Directions:
Please count how many lines of the data include the word "Aluminum". Give only that number in reply.

*** Opening of Data for analysis ***

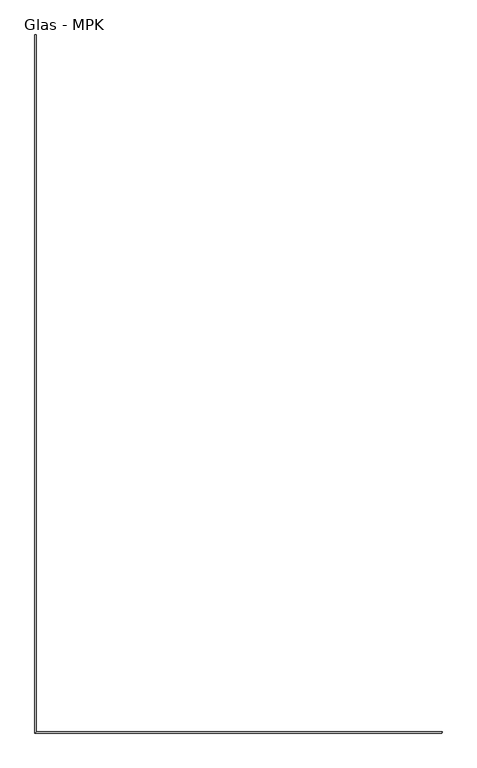
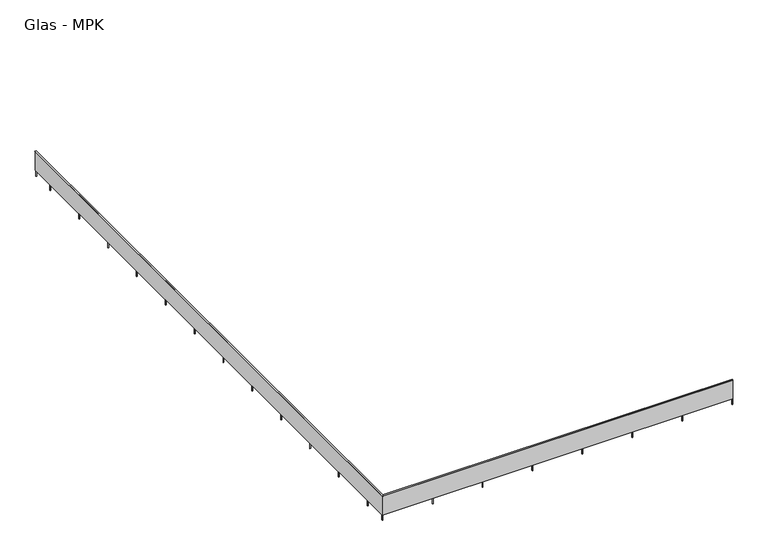
"""IFC4 building model written with IfcOpenShell, lengths in millimetres: railing geometry, Glas - MPK."""

from ifc_helpers import new_model, si_unit, frame, origin, place, context, project, spatial, polyline, outline, extrude, faceted_brep, source, transform, mapped, element, save


def glas_mpk_99f97afc(model_context):
    return source(origin(), model_context, "Body", "SolidModel", [
        faceted_brep([(22257.9971367, 15998.757723, 3843.2628643), (22207.9971367, 15998.757723, 3843.2628643), (22207.9971367, 15998.757723, 3856.7371357), (22257.9971367, 15998.757723, 3856.7371357), (36243.4971367, -8011.242277, 3843.2628643), (36243.4971367, -8011.242277, 3856.7371357), (36243.4971367, -8061.242277, 3856.7371357), (36243.4971367, -8061.242277, 3843.2628643), (22257.9971367, -8011.242277, 3843.2628643), (22207.9971367, -8061.242277, 3843.2628643), (22207.9971367, -8061.242277, 3856.7371357), (22257.9971367, -8011.242277, 3856.7371357)], [[[0, 1, 2, 3]], [[4, 5, 6, 7]], [[1, 0, 8, 9]], [[2, 1, 9, 10]], [[3, 2, 10, 11]], [[0, 3, 11, 8]], [[9, 8, 4, 7]], [[10, 9, 7, 6]], [[11, 10, 6, 5]], [[8, 11, 5, 4]]]),
        faceted_brep([(22217.9971367, 15998.757723, 3842.8769824), (22232.1892606, 15998.757723, 3842.8769824), (22232.1892606, 15998.757723, 3042.8769824), (22217.9971367, 15998.757723, 3042.8769824), (22217.9971367, -8051.242277, 3842.8769824), (22232.1892606, -8037.0501531, 3842.8769824), (22232.1892606, -8037.0501531, 3042.8769824), (22217.9971367, -8051.242277, 3042.8769824), (36243.4971367, -8051.242277, 3842.8769824), (36243.4971367, -8051.242277, 3042.8769824), (36243.4971367, -8037.0501531, 3042.8769824), (36243.4971367, -8037.0501531, 3842.8769824)], [[[0, 1, 2, 3]], [[1, 0, 4, 5]], [[2, 1, 5, 6]], [[3, 2, 6, 7]], [[0, 3, 7, 4]], [[8, 9, 10, 11]], [[5, 4, 8, 11]], [[6, 5, 11, 10]], [[7, 6, 10, 9]], [[4, 7, 9, 8]]]),
        extrude(outline(polyline([(34236.9971367, -8036.242277), (34236.9971367, -8011.242277), (34261.9971367, -8011.242277), (34261.9971367, -8036.242277), (34236.9971367, -8036.242277)])), frame((0.0, 0.0, 2800.0), z_axis=(0.0, 0.0, 1.0), x_axis=(1.0, 0.0, 0.0)), (0.0, 0.0, 1.0), 1043.2628643),
        extrude(outline(polyline([(32236.9971367, -8036.242277), (32236.9971367, -8011.242277), (32261.9971367, -8011.242277), (32261.9971367, -8036.242277), (32236.9971367, -8036.242277)])), frame((0.0, 0.0, 2800.0), z_axis=(0.0, 0.0, 1.0), x_axis=(1.0, 0.0, 0.0)), (0.0, 0.0, 1.0), 1043.2628643),
        extrude(outline(polyline([(30236.9971367, -8036.242277), (30236.9971367, -8011.242277), (30261.9971367, -8011.242277), (30261.9971367, -8036.242277), (30236.9971367, -8036.242277)])), frame((0.0, 0.0, 2800.0), z_axis=(0.0, 0.0, 1.0), x_axis=(1.0, 0.0, 0.0)), (0.0, 0.0, 1.0), 1043.2628643),
        extrude(outline(polyline([(28236.9971367, -8036.242277), (28236.9971367, -8011.242277), (28261.9971367, -8011.242277), (28261.9971367, -8036.242277), (28236.9971367, -8036.242277)])), frame((0.0, 0.0, 2800.0), z_axis=(0.0, 0.0, 1.0), x_axis=(1.0, 0.0, 0.0)), (0.0, 0.0, 1.0), 1043.2628643),
        extrude(outline(polyline([(26236.9971367, -8036.242277), (26236.9971367, -8011.242277), (26261.9971367, -8011.242277), (26261.9971367, -8036.242277), (26236.9971367, -8036.242277)])), frame((0.0, 0.0, 2800.0), z_axis=(0.0, 0.0, 1.0), x_axis=(1.0, 0.0, 0.0)), (0.0, 0.0, 1.0), 1043.2628643),
        extrude(outline(polyline([(24236.9971367, -8036.242277), (24236.9971367, -8011.242277), (24261.9971367, -8011.242277), (24261.9971367, -8036.242277), (24236.9971367, -8036.242277)])), frame((0.0, 0.0, 2800.0), z_axis=(0.0, 0.0, 1.0), x_axis=(1.0, 0.0, 0.0)), (0.0, 0.0, 1.0), 1043.2628643),
        extrude(outline(polyline([(22232.9971367, -6994.992277), (22257.9971367, -6994.992277), (22257.9971367, -7019.992277), (22232.9971367, -7019.992277), (22232.9971367, -6994.992277)])), frame((0.0, 0.0, 2800.0), z_axis=(0.0, 0.0, 1.0), x_axis=(1.0, 0.0, 0.0)), (0.0, 0.0, 1.0), 1043.2628643),
        extrude(outline(polyline([(22232.9971367, -4994.992277), (22257.9971367, -4994.992277), (22257.9971367, -5019.992277), (22232.9971367, -5019.992277), (22232.9971367, -4994.992277)])), frame((0.0, 0.0, 2800.0), z_axis=(0.0, 0.0, 1.0), x_axis=(1.0, 0.0, 0.0)), (0.0, 0.0, 1.0), 1043.2628643),
        extrude(outline(polyline([(22232.9971367, -2994.992277), (22257.9971367, -2994.992277), (22257.9971367, -3019.992277), (22232.9971367, -3019.992277), (22232.9971367, -2994.992277)])), frame((0.0, 0.0, 2800.0), z_axis=(0.0, 0.0, 1.0), x_axis=(1.0, 0.0, 0.0)), (0.0, 0.0, 1.0), 1043.2628643),
        extrude(outline(polyline([(22232.9971367, -994.992277), (22257.9971367, -994.992277), (22257.9971367, -1019.992277), (22232.9971367, -1019.992277), (22232.9971367, -994.992277)])), frame((0.0, 0.0, 2800.0), z_axis=(0.0, 0.0, 1.0), x_axis=(1.0, 0.0, 0.0)), (0.0, 0.0, 1.0), 1043.2628643),
        extrude(outline(polyline([(22232.9971367, 1005.007723), (22257.9971367, 1005.007723), (22257.9971367, 980.007723), (22232.9971367, 980.007723), (22232.9971367, 1005.007723)])), frame((0.0, 0.0, 2800.0), z_axis=(0.0, 0.0, 1.0), x_axis=(1.0, 0.0, 0.0)), (0.0, 0.0, 1.0), 1043.2628643),
        extrude(outline(polyline([(22232.9971367, 3005.007723), (22257.9971367, 3005.007723), (22257.9971367, 2980.007723), (22232.9971367, 2980.007723), (22232.9971367, 3005.007723)])), frame((0.0, 0.0, 2800.0), z_axis=(0.0, 0.0, 1.0), x_axis=(1.0, 0.0, 0.0)), (0.0, 0.0, 1.0), 1043.2628643),
        extrude(outline(polyline([(22232.9971367, 5005.007723), (22257.9971367, 5005.007723), (22257.9971367, 4980.007723), (22232.9971367, 4980.007723), (22232.9971367, 5005.007723)])), frame((0.0, 0.0, 2800.0), z_axis=(0.0, 0.0, 1.0), x_axis=(1.0, 0.0, 0.0)), (0.0, 0.0, 1.0), 1043.2628643),
        extrude(outline(polyline([(22232.9971367, 7005.007723), (22257.9971367, 7005.007723), (22257.9971367, 6980.007723), (22232.9971367, 6980.007723), (22232.9971367, 7005.007723)])), frame((0.0, 0.0, 2800.0), z_axis=(0.0, 0.0, 1.0), x_axis=(1.0, 0.0, 0.0)), (0.0, 0.0, 1.0), 1043.2628643),
        extrude(outline(polyline([(22232.9971367, 9005.007723), (22257.9971367, 9005.007723), (22257.9971367, 8980.007723), (22232.9971367, 8980.007723), (22232.9971367, 9005.007723)])), frame((0.0, 0.0, 2800.0), z_axis=(0.0, 0.0, 1.0), x_axis=(1.0, 0.0, 0.0)), (0.0, 0.0, 1.0), 1043.2628643),
        extrude(outline(polyline([(22232.9971367, 11005.007723), (22257.9971367, 11005.007723), (22257.9971367, 10980.007723), (22232.9971367, 10980.007723), (22232.9971367, 11005.007723)])), frame((0.0, 0.0, 2800.0), z_axis=(0.0, 0.0, 1.0), x_axis=(1.0, 0.0, 0.0)), (0.0, 0.0, 1.0), 1043.2628643),
        extrude(outline(polyline([(22232.9971367, 13005.007723), (22257.9971367, 13005.007723), (22257.9971367, 12980.007723), (22232.9971367, 12980.007723), (22232.9971367, 13005.007723)])), frame((0.0, 0.0, 2800.0), z_axis=(0.0, 0.0, 1.0), x_axis=(1.0, 0.0, 0.0)), (0.0, 0.0, 1.0), 1043.2628643),
        extrude(outline(polyline([(22232.9971367, 15005.007723), (22257.9971367, 15005.007723), (22257.9971367, 14980.007723), (22232.9971367, 14980.007723), (22232.9971367, 15005.007723)])), frame((0.0, 0.0, 2800.0), z_axis=(0.0, 0.0, 1.0), x_axis=(1.0, 0.0, 0.0)), (0.0, 0.0, 1.0), 1043.2628643),
        extrude(outline(polyline([(22232.9971367, -8001.242277), (22257.9971367, -8001.242277), (22257.9971367, -8026.242277), (22232.9971367, -8026.242277), (22232.9971367, -8001.242277)])), frame((0.0, 0.0, 2800.0), z_axis=(0.0, 0.0, 1.0), x_axis=(1.0, 0.0, 0.0)), (0.0, 0.0, 1.0), 1043.2628643),
        extrude(outline(polyline([(36230.9971367, -8036.242277), (36230.9971367, -8011.242277), (36255.9971367, -8011.242277), (36255.9971367, -8036.242277), (36230.9971367, -8036.242277)])), frame((0.0, 0.0, 2800.0), z_axis=(0.0, 0.0, 1.0), x_axis=(1.0, 0.0, 0.0)), (0.0, 0.0, 1.0), 1043.2628643),
        extrude(outline(polyline([(22232.9971367, 15998.757723), (22257.9971367, 15998.757723), (22257.9971367, 15973.757723), (22232.9971367, 15973.757723), (22232.9971367, 15998.757723)])), frame((0.0, 0.0, 2800.0), z_axis=(0.0, 0.0, 1.0), x_axis=(1.0, 0.0, 0.0)), (0.0, 0.0, 1.0), 1043.2628643),
    ])


if __name__ == "__main__":
    model = new_model("IFC4")
    model_context = context("Model", 3, world=origin())
    ifc_project = project(units=[si_unit("LENGTHUNIT", "METRE", prefix="MILLI")], contexts=[model_context])
    site = spatial("IfcSite", under=ifc_project)
    building = spatial("IfcBuilding", under=site)
    placement = place(None, origin())
    glas_mpk_shape = glas_mpk_99f97afc(model_context)
    element("IfcRailing", 1, ObjectType="Glas - MPK", at=placement, inside=building, context=model_context, shape_type="MappedRepresentation", body=[
        mapped(glas_mpk_shape, transform((0.0, 0.0, 0.0), x_axis=(1.0, 0.0, 0.0), y_axis=(0.0, 1.0, 0.0), z_axis=(0.0, 0.0, 1.0))),
    ])
    save(model, "model.ifc")

# Revit data of these elements
# Element 1 (IfcRailing, "Glas - MPK")
#   Materials on its faces: "Metal - Aluminum", "Window - Glass"
# Materials
#   "Metal - Aluminum": class "Unassigned", colour RGB 247 247 247, transparency 0, Comments = "Rendering appearance not upgraded "
#   "Window - Glass": class "Glas", colour RGB 128 128 255, transparency 0.75

*** Close of Data for analysis ***

Task answer:
2